A PreToolUse hook rewrites bare commands automatically. The agent calls git status, and rtk filters under the hood without any explicit instruction:

{
  "hooks": {
    "PreToolUse": [
      {
        "matcher": "Bash",
        "hooks": [
          { "type": "command", "command": "~/.claude/hooks/rtk-rewrite.sh" }
        ]
      }
    ]
  }
}

The hook is intentionally thin. It reads the agent’s Bash tool input, hands the command to rtk rewrite, and acts on the exit code:

Exit	Meaning	Hook action
0	Rewrite found, no permission rule	Return rewritten command, `allow`
1	No RTK equivalent	Pass through unchanged
2	Deny rule matched	Pass through, let Claude Code deny
3	Ask rule matched	Return rewritten command, no auto-allow

All the actual filtering rules live in the rtk Rust binary, so the hook never has to change when a new wrapper is added. A cached version check at the top short-circuits the rest of the hook for old rtk versions instead of failing silently.

Run rtk gain yourself to see the savings. On a working day it reports five-figure token totals, all context the agent never had to spend deciding which lines were signal.

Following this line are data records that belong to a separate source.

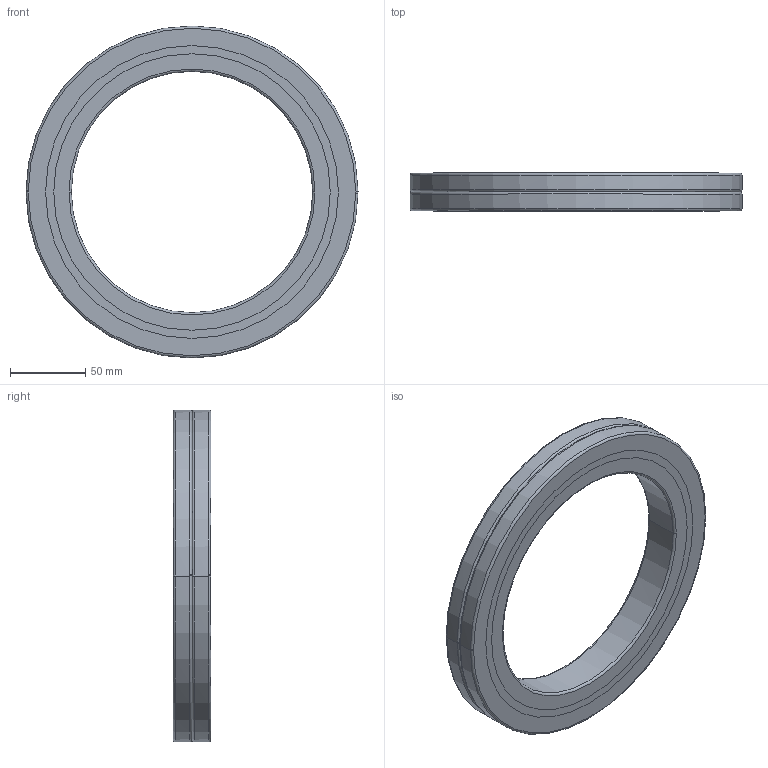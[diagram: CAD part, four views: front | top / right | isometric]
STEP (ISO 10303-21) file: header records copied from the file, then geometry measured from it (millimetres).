
FILE_DESCRIPTION(('no description'),'unknown implementation level');
FILE_NAME('CRBA16025_35.stp',' ',('HIWIN GmbH'),('CADClick - KiM GmbH - www.kimweb.de'),'unknown preprocess','ACIS','unknown authorization');
FILE_SCHEMA(('automotive_design'));
Length unit declared in the file: millimetre
Products named in the file (5): CRBA16025_1; CRBA16025_2; CRBA16025_3; CRBA16025_4; CRBA16025
Bounding box: 220 x 25 x 220 mm (x, y, z)
Volume: 378668.7 mm3; surface area: 120902.5 mm2
Topology: 5 solids, 5 shells, 54 faces, 120 edges, 76 vertices
Faces by surface type: torus 24, cylinder 20, plane 10
Entity records: 3096 total; most frequent: DIRECTION 338, STYLED_ITEM 255, PRESENTATION_STYLE_ASSIGNMENT 255, CARTESIAN_POINT 255, COLOUR_RGB 255, ORIENTED_EDGE 240, AXIS2_PLACEMENT_3D 159, EDGE_CURVE 120

What changes in a long session

Compaction is where the agent forgets the constraint that mattered: “don’t touch this file”, “we already rejected that approach”, “keep the public API stable”. Pushing that point from turn 30 to turn 60 can be the difference between one implementation session and a hand-off prompt that restates half the project.

The turns also get less tedious. Filtered output means less scrolling past install logs to find the one failing line. A graph query returns the handful of call sites the agent needs instead of dumping every textual match for a function name.

That changes what you can hand to the agent. A monorepo that used to overflow context on the second grep can stay addressable for a full debugging session. A refactor that touches ten files no longer needs a separate planning phase just to decide which files the agent is allowed to read.

The useful part is boring: fewer interruptions. The hook catches the noisy command before it costs context. The instruction file cuts the verbose reply before it becomes part of the next turn. Structural reads stop the over-eager grep before it fills the transcript.

Two gotchas worth knowing

CLI over MCP when both exist

An MCP server adds JSON-RPC framing, a schema header, and tool descriptions to every call. A CLI command returns plain output. For deterministic operations like git, file reads, or a build, the CLI is cheaper. Reach for MCP when the operation is stateful or the schema earns its bytes (Xcode build, browser automation, a graph database).

Images over PDFs

A PDF of an API doc burns thousands of tokens on layout and font metadata before any text reaches the model. A screenshot of the same page is a few thousand tokens of pixels and renders identically for the agent’s purposes. When the source is the rendered page, hand it the image.